Thank God someone actually brought this up. I have the same question in my head for a long time now. I used to vape in my room. But ever since I got into the hobby I avoided vaping in my room where my Ts are kept in fear that my coconut cream pie scent clouds would harm them. And winter is here, it's too cold to vape outside.

Reactions: Funny 1


----------



## mack1855 (Nov 15, 2017)

Well,I don't know the answer for you are looking for.Having said that,I have 13 T,s downstairs in my finished basement.Mainly for keeping them cooler than most are kept.
And the washer/dryer are in the same room,maybe 13/15 feet away from where the animals are.While I don't use either bleach or fabric softener,it does produce some smell through the use of detergent.
For almost a year,I have seen no effects on any of the T,s.
On the other hand if I ever caught anybody smoking or vaping in my T rooms,I'd deal with them in a most unpleasant way.FWIW.

Reactions: Like 1


----------



## darkness975 (Nov 15, 2017)

MoNsTeRiFiC said:


> I recently sensed a aroma oil being used in the room beside my work space where my Ts are stored. I moved all of my Ts away immediately where i couldn't smell the oil. so my question is that are these types of oils fatal to Ts? Because I'm legit worried.





Hiruma26 said:


> Thank God someone actually brought this up. I have the same question in my head for a long time now. I used to vape in my room. But ever since I got into the hobby I avoided vaping in my room where my Ts are kept in fear that my coconut cream pie scent clouds would harm them. And winter is here, it's too cold to vape outside.



They're not good.  Avoid air fresheners, cleaners, strong perfumes, anything of the sort being launched airborne around them.

Reactions: Like 1 | Informative 1


----------



## boina (Nov 15, 2017)

I don't know where the idea comes from that aroma oil and stuff is bad for tarantulas. I don't quite believe it. In nature tarantulas will have to deal with strong scents, especially arboreals that will most likely often be close enough to smelling flowers. Why should things that have a strong smell be bad? I see no reason not to use natural oils, like lavender, citrus, peppermint, pine etc. Spiders live in citrus trees and lavender bushes, several jumping spider species thrive on pine trees and so on.

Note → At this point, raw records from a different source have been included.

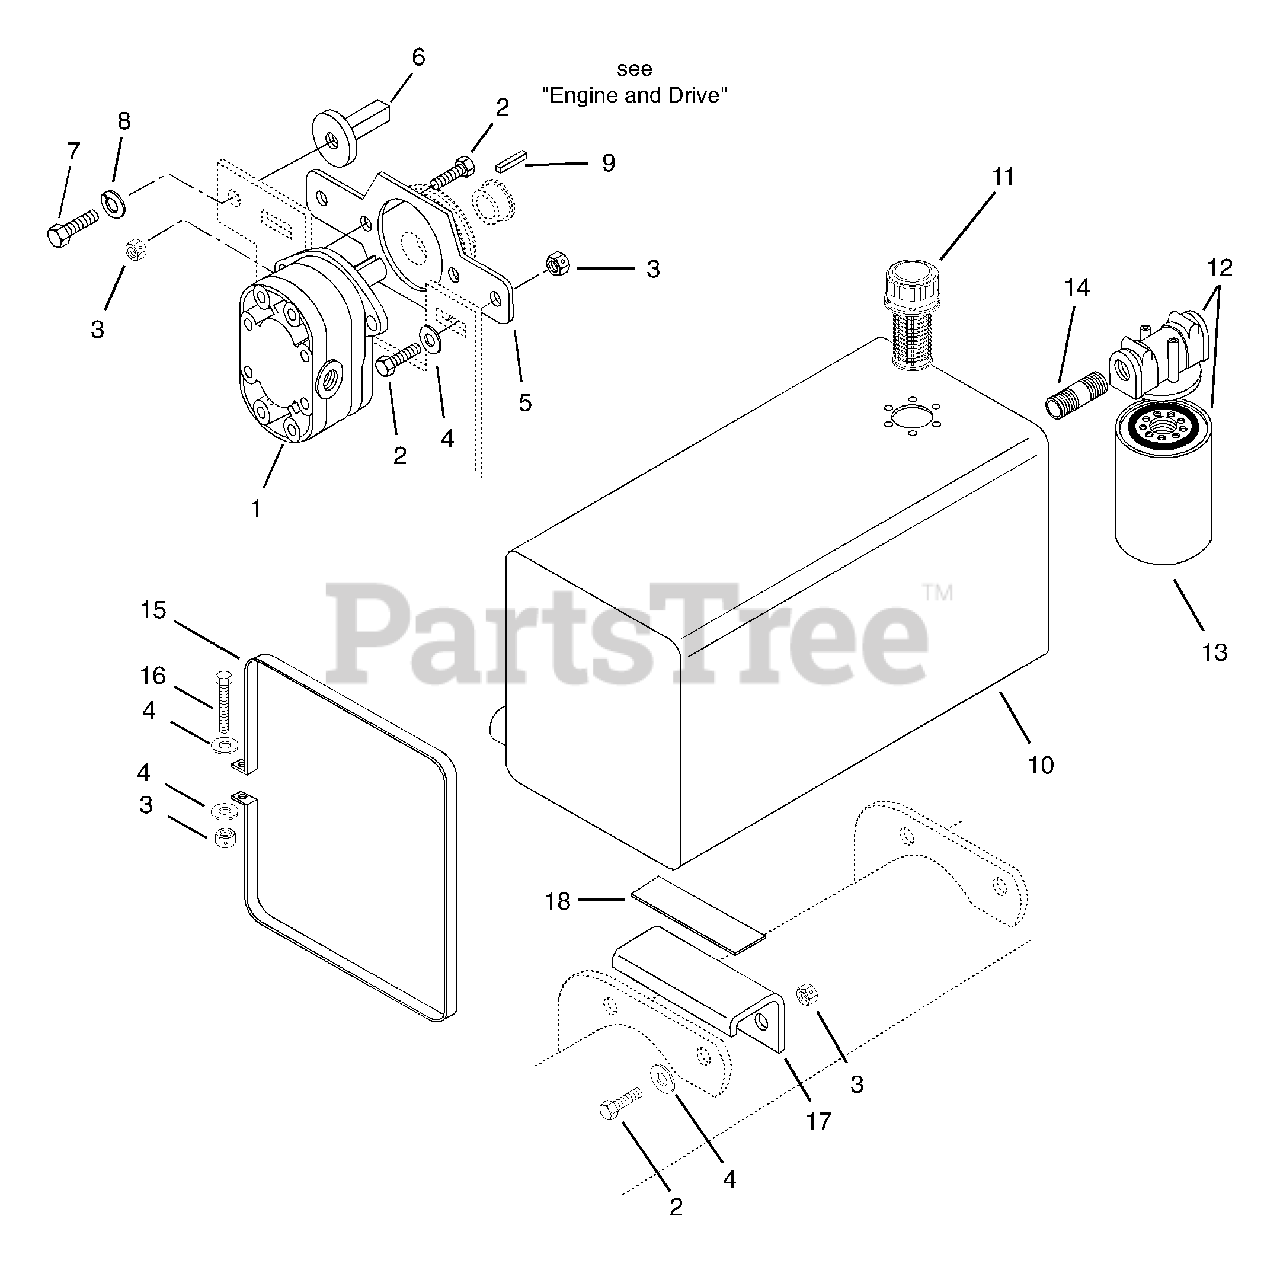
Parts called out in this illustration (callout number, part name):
1	Pump-Hydraulic
2	Bolt-Hex .38-16 x 1.25 Grade 5
3	Nut-Locking-Center .38-16
4	Washer-Flat-Steel .438 x 1.00 x .083
5	Bracket-Hydraulic Pump
6	Adjustment Cam Weldment
7	Bolt-Hex .50-13 x 2.00 Grade 5
8	Washer-Locking .50 x .125
9	Key-Square .250 x .375 x 1.25
10	Hydraulic Tank Weldment
11	Filler Cap Assembly
12	Filter
13	Replacement Filter Element
14	Nipple-Standard Pipe
15	Strap-Hydraulic Tank
16	Bolt Hex .38-16 x 3.00 Grade 5
17	Mount-Tank
18	Gasket
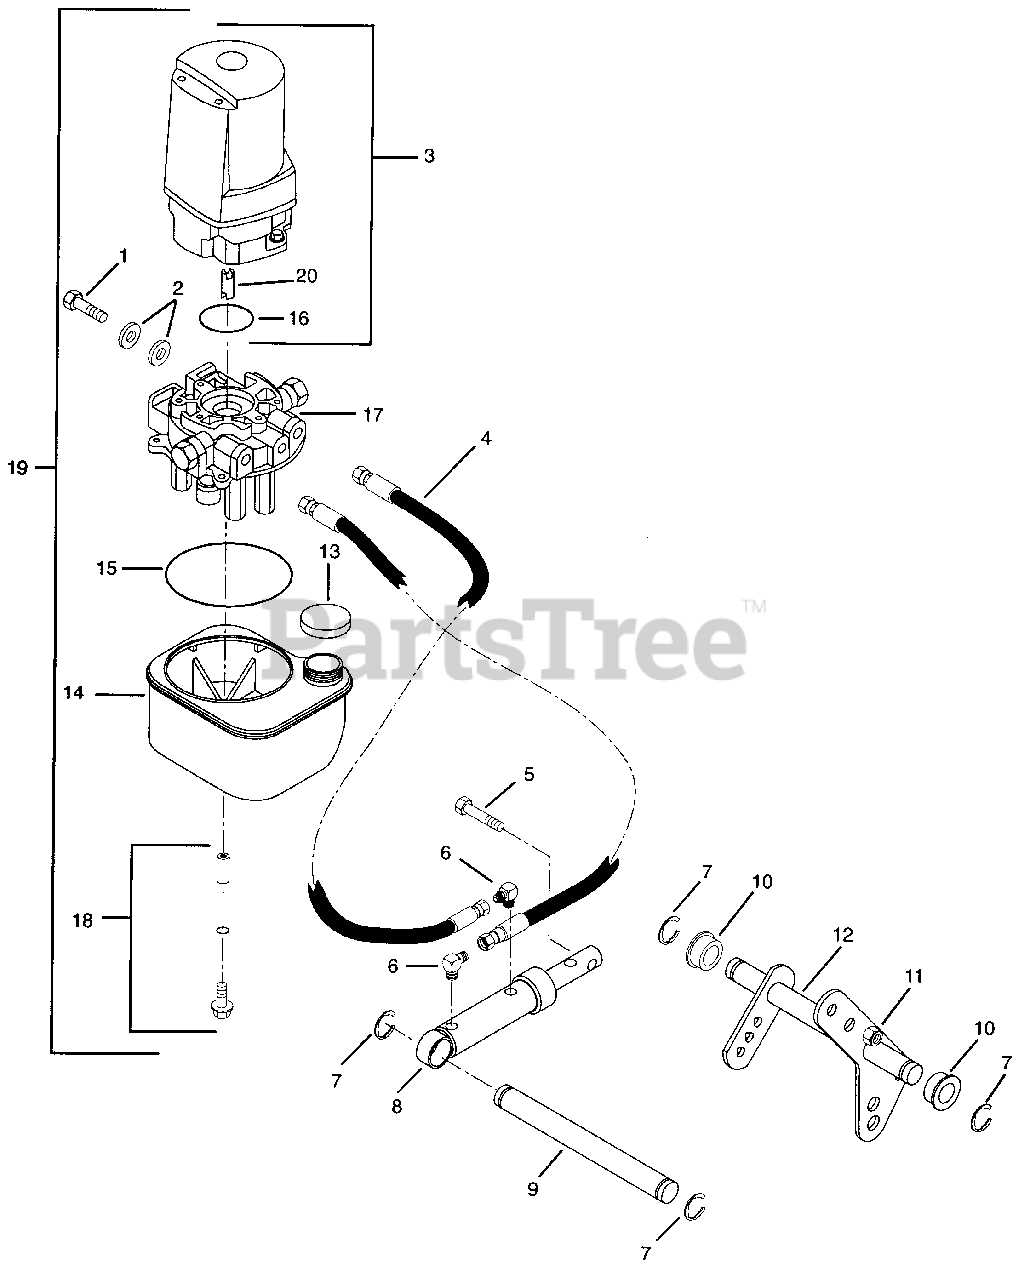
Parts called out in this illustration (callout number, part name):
1	Bolt-Hex .38-16 x 1.00
2	Washer-Flat-Steel .390 x .875 x .18
3	Motor Assembly
4	Assembly-Hose Pump to Cylinder
5	Bolt-Hex .50-13 x 2.00 Grade 5
6	Adapter 2503-4-4
7	Ring-Retaining-External .835 x .056
8	Cylinder-Hydraulic
9	Shaft-Hydraulic Cylinder
10	Bushing-Flange 1.020 x 1.385 x .75 x 1.75
11	Nut-Locking-Center .50-13
12	Mower Lift Weldment
13	Reservoir Cap-Electric Hydraulic Pump
14	Reservoir Tank
15	Reservoir Seal O-Ring
17	Adapter Assembly
18	Screw O-Ring and Spacer Assembly
19	Pump-Electric Hydraulic

Reactions: Like 1 | Agree 2 | Helpful 1


----------



## Venom1080 (Nov 15, 2017)

Agreed. 

No one really knows. They can only guess.


----------



## Arachnophoric (Nov 15, 2017)

Unless you're blowing vapor/spraying odors and perfumes directly at or around the tarantula and it's enclosure, I genuinely doubt it's going to affect them. These guys aren't like keeping snakes, where there's only one primitive lung and they have a high sensitivity to that kind of stuff.


----------



## Nonnack (Nov 15, 2017)

I have seen many times in forums posts like 'avoid this, avoid that, it may kill your T' etc. But is there any list of stuff that is really dangerous for spiders (and not for humans) and can potentially kill it? Except ofc anti insect chemicals.


----------



## Chris LXXIX (Nov 15, 2017)

I think that everything, from cigarettes (and not, weed/hashish luvers!) smoke, kitchen fumes, to those high priced (and not!) scents, to those kinda hippy/Tibetan/tantric 'Hare Khrishna' aroma or whatever, are able to harm those lovely eight legged predators... if not now, in the long run.

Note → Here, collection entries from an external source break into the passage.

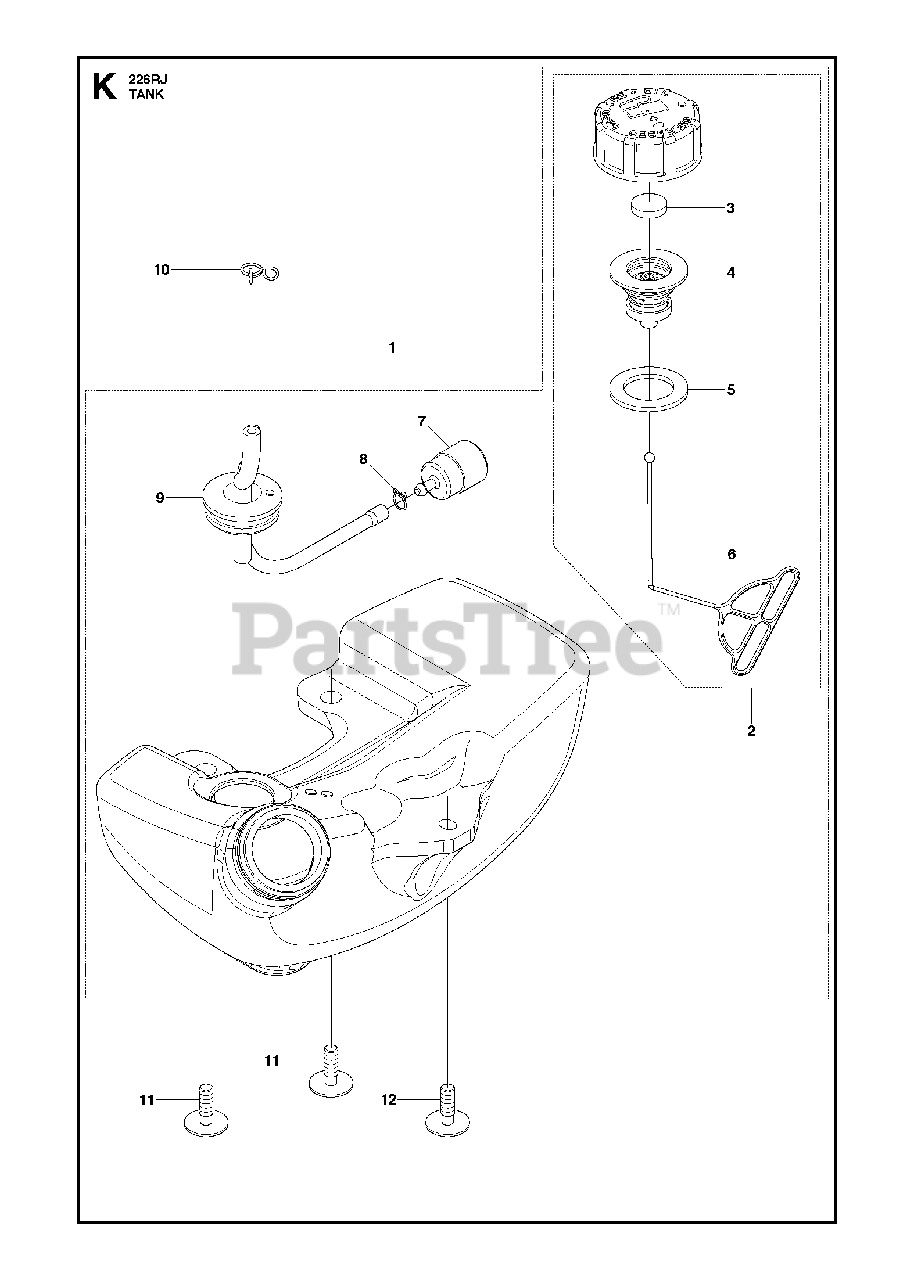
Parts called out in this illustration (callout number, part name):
2	CAP-A
3	FILTER
4	HOLDER-A
5	PACKING
6	STOPPER
7	FILTER
8	CLIP
9	PIPE COMPLETE

Yeah I can't be 100% sure about this nor everything. I'm not saying this. And, hands down, ain't a 'know it all' freak nor I pretend to be one (can't stand those douches) but I love to view that stuff as potentially risky... so, the old and Captain Obvious statement that says: "why risk?" *never*, and I say *never*, harmed no one.

Reactions: Like 1 | Award 1


----------



## viper69 (Nov 19, 2017)

MoNsTeRiFiC said:


> I recently sensed a aroma oil being used in the room beside my work space where my Ts are stored. I moved all of my Ts away immediately where i couldn't smell the oil. so my question is that are these types of oils fatal to Ts? Because I'm legit worried.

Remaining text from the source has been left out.